I was ready, I wanted to find it. Last weekend I walked a section of the trail I had biked the previous year and quickly realized that if it was a marsh plant I was looking for, I was in the wrong part. The forest was much too dry. It was woodlands, not a marshy, low lying wet area at all.

I walked on, hoping to see a puddle, then two, and finally an emergence of my tricky Marshmallow. I could get to know what the plant looked like, so I could go back to it in the summer and fall after the flowers left.

There was not a single puddle. And I did not find the Marshmallow.
So sad.

But I did find wintergreen! The real plant. That puts the gum to shame, with its striking cold, clear minty smell. Almost like tasting a color, deep icy blue, with flecks of emerald green and crystal imbedded in it too. Oh dear, not I’m sounding like a gum commercial.

So last weekend’s hunt was a wash, but surely I’d get lucky this weekend, right. Fortune favors the steadfast, or so I hope.

So this weekend, Mother’s Day, I was feeling lucky. I headed to a different part of the trail. I found the marshy part! I found Marsh Marigolds with their buttercup yellow little waxy flowers proudly proclaiming that the area was a bit on the soggy side.

And if that wasn’t proof enough, I accidentally stepped into a huge puddle and was surprised, in a good way, to learn that my hiking boots are more waterproof than I thought.

Hunting the marshmallow checklist
Find the marsh…check.
Be there in the right time of year…check
Look for those perdy little pink flowers….
Found your prey!

So 2011 Mother’s day I saw the Marshmallow, that precious and elusive game of mine.  So this Mother’s Day weekend they have to be around here. I have my timing right… right?
Right!?

Except that it was a short winter this year. After a half hour of searching I knew what it was like to be Elmer Fudd after a bad day of hunting. Not that anyone stuck a carrot in my musket or anything. I begrudgingly relinquished my search, guessing they must have finished their blooming, and have returned back to their green, botanical obscurity for another year. 
Tricky prey, you’ve eluded me, yet again!

I returned home with no Marshmallow flowers.

But I did find Horsetail! Which is super high in minerals, it’s an ancient plant that has been on the earth since Dinosaurs walked the earth. And who’s fossils we burn as coal.

I learned last year that horsetail can only be collected when it’s young. Otherwise, as a defense mechanism to being plucked and eaten, it forms a toxin in it. But as a youngster it doesn’t have that defense yet.
And there were loads of youngsters lining the trail!

And so, while I didn’t find what I was looking for. I definitely found something. Two things actually, if you count last weekend’s wintergreen find! I know another source of wintergreen, as well as horsetail. And am now drying horsetail that is young enough to use! And freezing wintergreen for whenever I need it!

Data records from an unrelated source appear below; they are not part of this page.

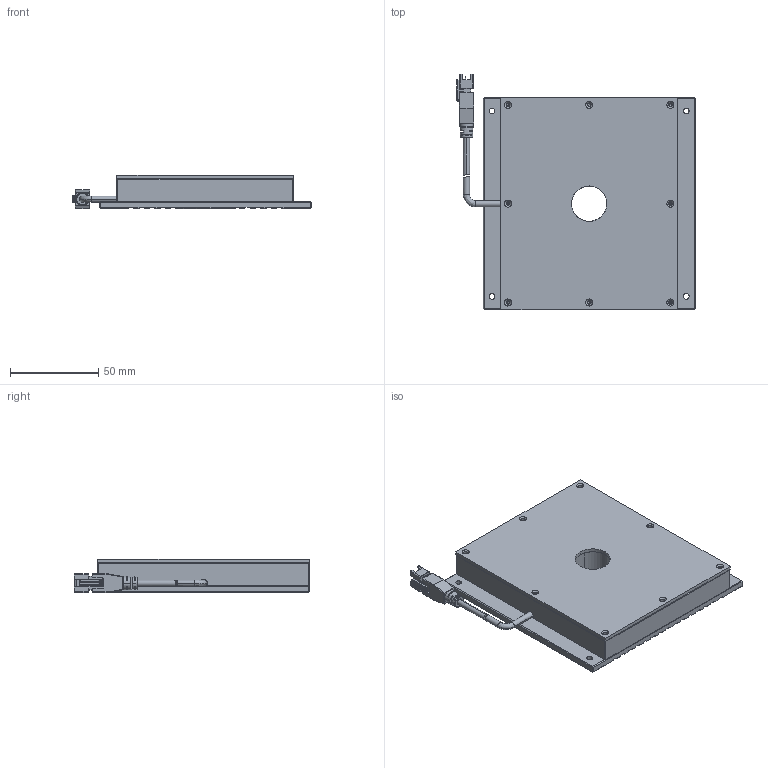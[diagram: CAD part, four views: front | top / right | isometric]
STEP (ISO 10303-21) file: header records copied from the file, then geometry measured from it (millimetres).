
FILE_DESCRIPTION (( 'STEP AP214' ), '1' );
FILE_NAME ('CST-KHFS10585Y20-×°ÅäÌå1.STEP', '2022-05-16T03:46:25', ( '' ), ( '' ), 'SwSTEP 2.0', 'SolidWorks 2018', '' );
FILE_SCHEMA (( 'AUTOMOTIVE_DESIGN' ));
Length unit declared in the file: millimetre
Products named in the file (2): CST-KHFS10585Y20-蚾饜极1
Bounding box: 134.95 x 133.23 x 19 mm (x, y, z)
Surface area: 80969 mm2 (no closed solid volume)
Topology: 0 solids, 6 shells, 601 faces, 1609 edges, 993 vertices
Faces by surface type: plane 308, cylinder 192, cone 67, bspline 28, torus 6
Entity records: 25687 total; most frequent: CARTESIAN_POINT 4025, DIRECTION 3140, ORIENTED_EDGE 3075, EDGE_CURVE 1561, AXIS2_PLACEMENT_3D 1056, LINE 1028, VECTOR 1028, VERTEX_POINT 993

And as for that elusive game called Marshmallow…

Well, there is always next year. My interest is not going anywhere. And come next Mother’s day, my eagle eyes will be out for those light pink flowers, or anything else I recognize in forest, fields, and yes, even swamps.
 

Here’s to the people who smell flowers.
Here’s to the people with dirt under their fingers
Here’s to the people whose bare feet have tickled the earth
Here’s to the people whose smell of sweat and wild wind.
Here’s to the people who work elbow to elbow with bees, butterflies, and bats.
Here’s to the people who talk to their plants.
Who prune other people’s plants.
Who get that fatherly look of pride when talking about seedlings,
Or that bargain shopper’s look when the find a Lemon Verbena plant, or Stevia, or other new one for their garden.
Here’s to you, with the funny suntan.
Here’s to you. 
You have my admiration, and respect.

May you take care of yourself happily.